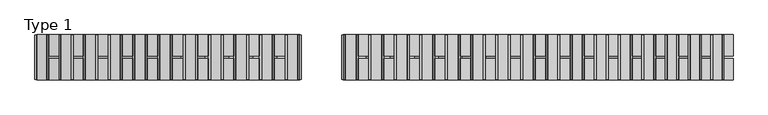
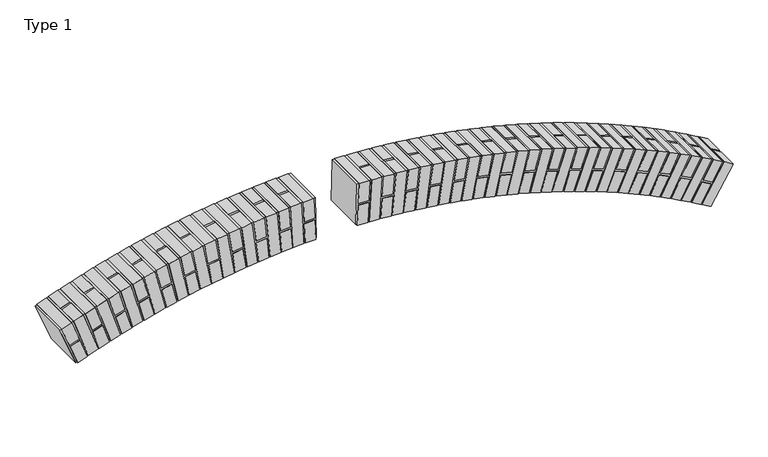
"""IFC4 building model written with IfcOpenShell, lengths in millimetres: proxy geometry, 00_GM_toog : Type 1."""

from ifc_helpers import new_model, si_unit, frame, origin, place, context, project, spatial, polyline, outline, extrude, source, transform, mapped, element, save


def type_1_8e1217ef(model_context):
    return source(origin(), model_context, "Body", "SweptSolid", [
        extrude(outline(polyline([(-33.5304655, 169.1537184), (-33.3801263, 159.6073904), (-133.2870305, 155.2934022), (-131.1300364, 105.3399501), (-31.2231322, 109.6539383), (-30.8114489, 100.1198354), (-235.8183922, 94.5699935), (-236.1881102, 100.8035341), (-141.1349511, 104.9079371), (-143.2919452, 154.8613892), (-237.8024787, 150.7804168), (-238.1723291, 157.0161892), (-33.5304655, 169.1537184)])), frame((0.0, 2.5, 0.0), z_axis=(0.0, 1.0, 0.0), x_axis=(0.0, 0.0, 1.0)), (0.0, 0.0, 1.0), 205.0),
        extrude(outline(polyline([(0.0, 50.0), (210.0, 50.0), (210.0, 0.0), (0.0, 0.0), (0.0, 50.0)])), frame((105.3399501, 210.0, -131.1300364), z_axis=(0.04313988139115512, 0.0, 0.9990690419753567), x_axis=(0.0, -1.0, 0.0)), (0.0, 0.0, 1.0), 100.0),
        extrude(outline(polyline([(0.0, 50.0), (210.0, 50.0), (210.0, 0.0), (0.0, 0.0), (0.0, 50.0)])), frame((100.593949, 210.0, -241.0418553), z_axis=(0.04313988139115512, 0.0, 0.9990690419753567), x_axis=(0.0, -1.0, 0.0)), (0.0, 0.0, 1.0), 100.0),
        extrude(outline(polyline([(210.0, 50.0), (210.0, 0.0), (110.0, 0.0), (110.0, 50.0), (210.0, 50.0)])), frame((206.6325287, 0.0, -246.1224192), z_axis=(0.05920702828123627, 0.0, 0.998245725160947), x_axis=(0.0, 1.0, 0.0)), (0.0, 0.0, 1.0), 210.0),
        extrude(outline(polyline([(100.0, 50.0), (100.0, 0.0), (0.0, 0.0), (0.0, 50.0), (100.0, 50.0)])), frame((206.6325287, 0.0, -246.1224192), z_axis=(0.05920702828123627, 0.0, 0.998245725160947), x_axis=(0.0, 1.0, 0.0)), (0.0, 0.0, 1.0), 210.0),
        extrude(outline(polyline([(-40.8857504, 287.9862039), (-40.4283717, 278.449654), (-140.1447749, 270.9237689), (-136.3818323, 221.0655673), (-36.6654292, 228.5914524), (-35.947235, 219.075529), (-240.6695155, 206.9332303), (-241.2395829, 213.1516499), (-146.3676698, 220.3119073), (-150.1306123, 270.1701089), (-244.4609345, 263.0507269), (-245.0312061, 269.271373), (-40.8857504, 287.9862039)])), frame((0.0, 2.5, 0.0), z_axis=(0.0, 1.0, 0.0), x_axis=(0.0, 0.0, 1.0)), (0.0, 0.0, 1.0), 205.0),
        extrude(outline(polyline([(0.0, 50.0), (210.0, 50.0), (210.0, 0.0), (0.0, 0.0), (0.0, 50.0)])), frame((221.0655673, 210.0, -136.3818323), z_axis=(0.0752588505534319, 0.0, 0.9971640313475895), x_axis=(0.0, -1.0, 0.0)), (0.0, 0.0, 1.0), 100.0),
        extrude(outline(polyline([(0.0, 50.0), (210.0, 50.0), (210.0, 0.0), (0.0, 0.0), (0.0, 50.0)])), frame((212.7860223, 210.0, -246.084073), z_axis=(0.0752588505534319, 0.0, 0.9971640313475895), x_axis=(0.0, -1.0, 0.0)), (0.0, 0.0, 1.0), 100.0),
        extrude(outline(polyline([(210.0, 50.0), (210.0, 0.0), (110.0, 0.0), (110.0, 50.0), (210.0, 50.0)])), frame((318.6062653, 0.0, -254.5734006), z_axis=(0.09129119349759061, 0.0, 0.9958242405112387), x_axis=(0.0, 1.0, 0.0)), (0.0, 0.0, 1.0), 210.0),
        extrude(outline(polyline([(100.0, 50.0), (100.0, 0.0), (0.0, 0.0), (0.0, 50.0), (100.0, 50.0)])), frame((318.6062653, 0.0, -254.5734006), z_axis=(0.09129119349759061, 0.0, 0.9958242405112387), x_axis=(0.0, 1.0, 0.0)), (0.0, 0.0, 1.0), 210.0),
        extrude(outline(polyline([(-52.0602176, 406.5205496), (-51.296273, 397.0036505), (-150.7189429, 386.2736598), (-145.3539475, 336.5623248), (-45.9312776, 347.2923156), (-44.907316, 337.8044231), (-249.1329934, 319.0822379), (-249.9028201, 325.279099), (-155.3103699, 335.4877981), (-160.6753652, 385.199133), (-254.7278199, 375.0487119), (-255.4979222, 381.2477916), (-52.0602176, 406.5205496)])), frame((0.0, 2.5, 0.0), z_axis=(0.0, 1.0, 0.0), x_axis=(0.0, 0.0, 1.0)), (0.0, 0.0, 1.0), 205.0),
        extrude(outline(polyline([(0.0, 50.0), (210.0, 50.0), (210.0, 0.0), (0.0, 0.0), (0.0, 50.0)])), frame((336.5623248, 210.0, -145.3539475), z_axis=(0.10729990744537966, 0.0, 0.9942266994313786), x_axis=(0.0, -1.0, 0.0)), (0.0, 0.0, 1.0), 100.0),
        extrude(outline(polyline([(0.0, 50.0), (210.0, 50.0), (210.0, 0.0), (0.0, 0.0), (0.0, 50.0)])), frame((324.7578073, 210.0, -254.7330398), z_axis=(0.10729990744537966, 0.0, 0.9942266994313786), x_axis=(0.0, -1.0, 0.0)), (0.0, 0.0, 1.0), 100.0),
        extrude(outline(polyline([(210.0, 50.0), (210.0, 0.0), (110.0, 0.0), (110.0, 50.0), (210.0, 50.0)])), frame((430.2501625, 0.0, -266.6223426), z_axis=(0.12328084884442252, 0.0, 0.9923718216012578), x_axis=(0.0, 1.0, 0.0)), (0.0, 0.0, 1.0), 210.0),
        extrude(outline(polyline([(100.0, 50.0), (100.0, 0.0), (0.0, 0.0), (0.0, 50.0), (100.0, 50.0)])), frame((430.2501625, 0.0, -266.6223426), z_axis=(0.12328084884442252, 0.0, 0.9923718216012578), x_axis=(0.0, 1.0, 0.0)), (0.0, 0.0, 1.0), 210.0),
        extrude(outline(polyline([(-67.0422986, 524.634042), (-65.9725789, 515.1466462), (-164.9985876, 501.2236581), (-158.0370935, 451.7106537), (-59.0110848, 465.6336418), (-57.6824158, 456.1836027), (-261.2000642, 430.9009134), (-262.1688531, 437.0698005), (-167.9537933, 450.3163726), (-174.9152873, 499.829377), (-268.592506, 486.658425), (-269.5616418, 492.8295207), (-67.0422986, 524.634042)])), frame((0.0, 2.5, 0.0), z_axis=(0.0, 1.0, 0.0), x_axis=(0.0, 0.0, 1.0)), (0.0, 0.0, 1.0), 205.0),
        extrude(outline(polyline([(0.0, 50.0), (210.0, 50.0), (210.0, 0.0), (0.0, 0.0), (0.0, 50.0)])), frame((451.7106537, 210.0, -158.0370935), z_axis=(0.1392298813307013, 0.0, 0.990260087120873), x_axis=(0.0, -1.0, 0.0)), (0.0, 0.0, 1.0), 100.0),
        extrude(outline(polyline([(0.0, 49.9999999), (210.0, 49.9999999), (210.0, 0.0), (0.0, 0.0), (0.0, 49.9999999)])), frame((436.3933845, 210.0, -266.979802), z_axis=(0.1392298813307013, 0.0, 0.990260087120873), x_axis=(0.0, -1.0, 0.0)), (0.0, 0.0, 1.0), 100.0),
        extrude(outline(polyline([(210.0, 50.0), (210.0, 0.0), (110.0, 0.0), (110.0, 50.0), (210.0, 50.0)])), frame((541.44864, 0.0, -282.2567714), z_axis=(0.15514287679925243, 0.0, 0.9878920425726953), x_axis=(0.0, 1.0, 0.0)), (0.0, 0.0, 1.0), 210.0),
        extrude(outline(polyline([(100.0, 50.0), (100.0, 0.0), (0.0, 0.0), (0.0, 50.0), (100.0, 50.0)])), frame((541.44864, 0.0, -282.2567714), z_axis=(0.15514287679925243, 0.0, 0.9878920425726953), x_axis=(0.0, 1.0, 0.0)), (0.0, 0.0, 1.0), 210.0),
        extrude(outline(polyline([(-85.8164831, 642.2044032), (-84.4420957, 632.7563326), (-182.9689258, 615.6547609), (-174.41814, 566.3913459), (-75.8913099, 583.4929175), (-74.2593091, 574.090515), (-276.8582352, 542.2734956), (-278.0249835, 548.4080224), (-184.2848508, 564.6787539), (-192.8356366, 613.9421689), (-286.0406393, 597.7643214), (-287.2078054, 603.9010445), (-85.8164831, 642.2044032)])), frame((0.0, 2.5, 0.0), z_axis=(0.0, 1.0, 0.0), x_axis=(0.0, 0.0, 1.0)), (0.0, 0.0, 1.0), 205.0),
_ _ _
▶ Instructions for the task: Take each line of the material that contains the word "origin" and list it.

▶ Response area:
from ifc_helpers import new_model, si_unit, frame, origin, place, context, project, spatial, polyline, outline, extrude, source, transform, mapped, element, save
    return source(origin(), model_context, "Body", "SweptSolid", [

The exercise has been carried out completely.